Pero ahora ambos estaban pisando tierra firme.  

—No dudo de su palabra —susurró él con una pronunciación clara, cerca de su oreja. Emma lo miró de soslayo y sus ojos se encontraron con la frescura azul de los suyos.

Nathaniel aflojó el agarre de su brazo hasta parecer una caricia y ella suspiró de forma involuntaria. —Comoquiera que sea... 

—No discuta más, señorita Rothinger. Lo único que debe saber es que no dudo de su palabra —ordenó él con su habitual autoridad, acostumbrado a ser obedecido sin objeciones, a que nadie desafiara abiertamente sus decisiones. Sin embargo, ella era diferente, parecía decidida a contradecirlo en cada momento.

Quizás por eso, poco a poco, no podía sacársela de la cabeza, porque era distinta a todas las demás. Porque era todo lo que él pensaba que odiaba. 

—¿Alguien le ha dicho que es usted el hombre más arrogante del Imperio Británico? 

—No con esas mismas palabras, aunque el Duque de Wellington suele decirlo de otra manera mucho menos refinada.

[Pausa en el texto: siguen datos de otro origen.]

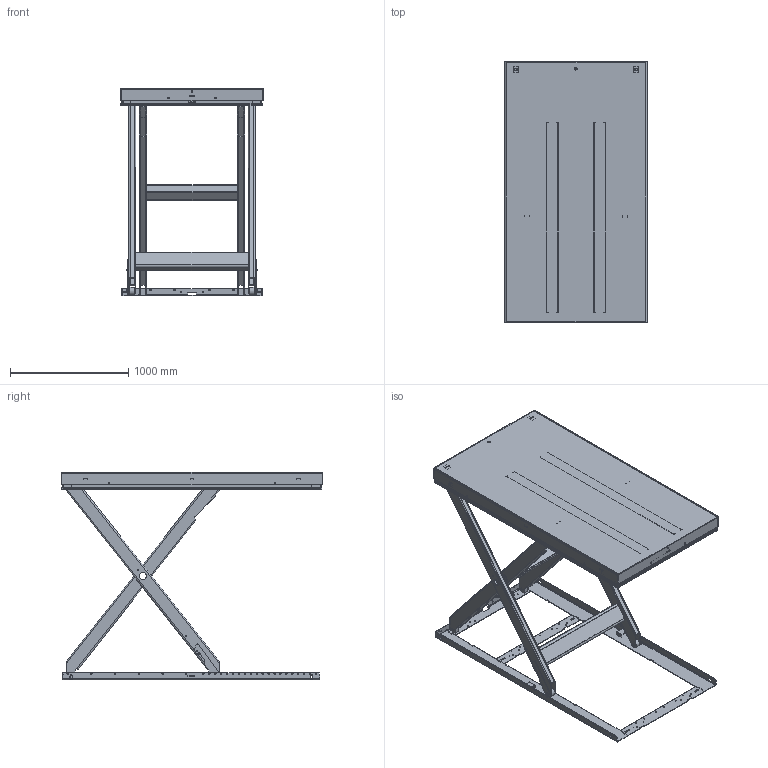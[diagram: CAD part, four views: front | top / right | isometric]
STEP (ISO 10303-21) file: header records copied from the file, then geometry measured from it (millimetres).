
FILE_DESCRIPTION(/* description */ ('Tvärförbindning med gavel'),/* implementation_level */ '2;1');
FILE_NAME(/* name */ '\\EDMOFILE01\Users$\JOHSO\Desktop\606524_Elevated.stp',/* time_stamp */ '2016-02-18T10:11:55+01:00',/* author */ ('JOHSO'),/* organization */ (''),/* preprocessor_version */ 'ST-DEVELOPER v15.6',/* originating_system */ 'Autodesk Inventor 2015',/* authorisation */ '');
FILE_SCHEMA (('AUTOMOTIVE_DESIGN { 1 0 10303 214 3 1 1 }'));
Products named in the file (36): 514601-4; 514601-1_Höger; 514601-1_Vänster; 514601-2; 44870; 45259; 514600; 82159-2112; 606529; 80060-768; 606522; 82159-2112_1; 603642; 82092-949; 606523; 36471; 45387; ISO 4014 - M8 x 40ISO; 41333-1600; 600196; 85955; 33048; 82021; 42289-1153; 42289-2173; 42330; 42331; 43481; ISO 4032 - M8ISO; 33990; 43476; 603398; 42508C; 33371-skel; 33371; 606524_TEMP
Assembly tree (79 placements, depth 4):
  606524_TEMP
    514600
      514601-4
      514601-1_Höger
      514601-1_Vänster
      514601-2  x2
      44870  x2
      45259  x2
    606522
      606529  x2
        82159-2112
      80060-768
    606523
      603642  x2
        82159-2112_1
      82092-949
    33371
      33371-skel
      36471
      45259  x2
      45387  x8
      ISO 4014 - M8 x 40ISO  x6
      41333-1600  x2
      600196  x2
      85955
    33048  x2
    82021  x2
    603398
      42289-1153  x2
      42289-2173  x2
      42330  x4
      42331  x4
      43481  x4
      ISO 4032 - M8ISO  x4
      33990  x2
      43476  x4
    42508C  x4
Bounding box: 1200 x 2200 x 1750 mm (x, y, z)
Volume: 50590466.9 mm3; surface area: 19616894.1 mm2
Topology: 71 solids, 80 shells, 5144 faces, 14230 edges, 9311 vertices
Faces by surface type: plane 2611, cylinder 1797, bspline 486, cone 120, torus 82, sphere 48
Full cylindrical faces by diameter (mm): 0.474 x2, 1 x4, 3 x4, 3.141 x4, 3.2 x4, 4 x16, 4.3 x4, 4.9 x2, 5 x4, 5.2 x6, 5.3 x2, 5.55 x4, 6.647 x4, 7.4 x32, 7.6 x4, 8 x16, 8.5 x4, 10 x6, 10.2 x4, 10.5 x8, 11 x2, 11.63 x6, 12 x4, 12.5 x6, 13 x6, 13.835 x1, 14.5 x16, 16 x8, 18.5 x1, 19 x1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
Entity records: 96943 total; most frequent: CARTESIAN_POINT 24252, ORIENTED_EDGE 14966, DIRECTION 14212, EDGE_CURVE 7481, VERTEX_POINT 5019, AXIS2_PLACEMENT_3D 4791, LINE 4630, VECTOR 4630

El comentario la hizo enmudecer. Los rayos de sol seguían colándose por esa ventana que ella había destapado, cruzando las penumbras del salón de invitados que llevaba años sin redecorarse. En la penumbra, él vio que los pechos de ella se hinchaban y el hielo en sus venas se derritió. Le hubiera gustado ahondar mucho más en esa caricia, en ese roce de su mano sobre el brazo de ella. Tuvo que refrenar todos sus demonios para no desatarse y tocarla de un modo mucho menos sutil. Lo que él quería, lo que estaba deseando en esos momentos, estaba mal en todos los sentidos. 

Con la mandíbula apretada, se recordó que solo había querido disculparse. 

Controló sus instintos justo antes de que se dispararan, pero entonces ella volvió a suspirar y le pareció que la señorita Rothinger deseaba lo mismo que él: un beso.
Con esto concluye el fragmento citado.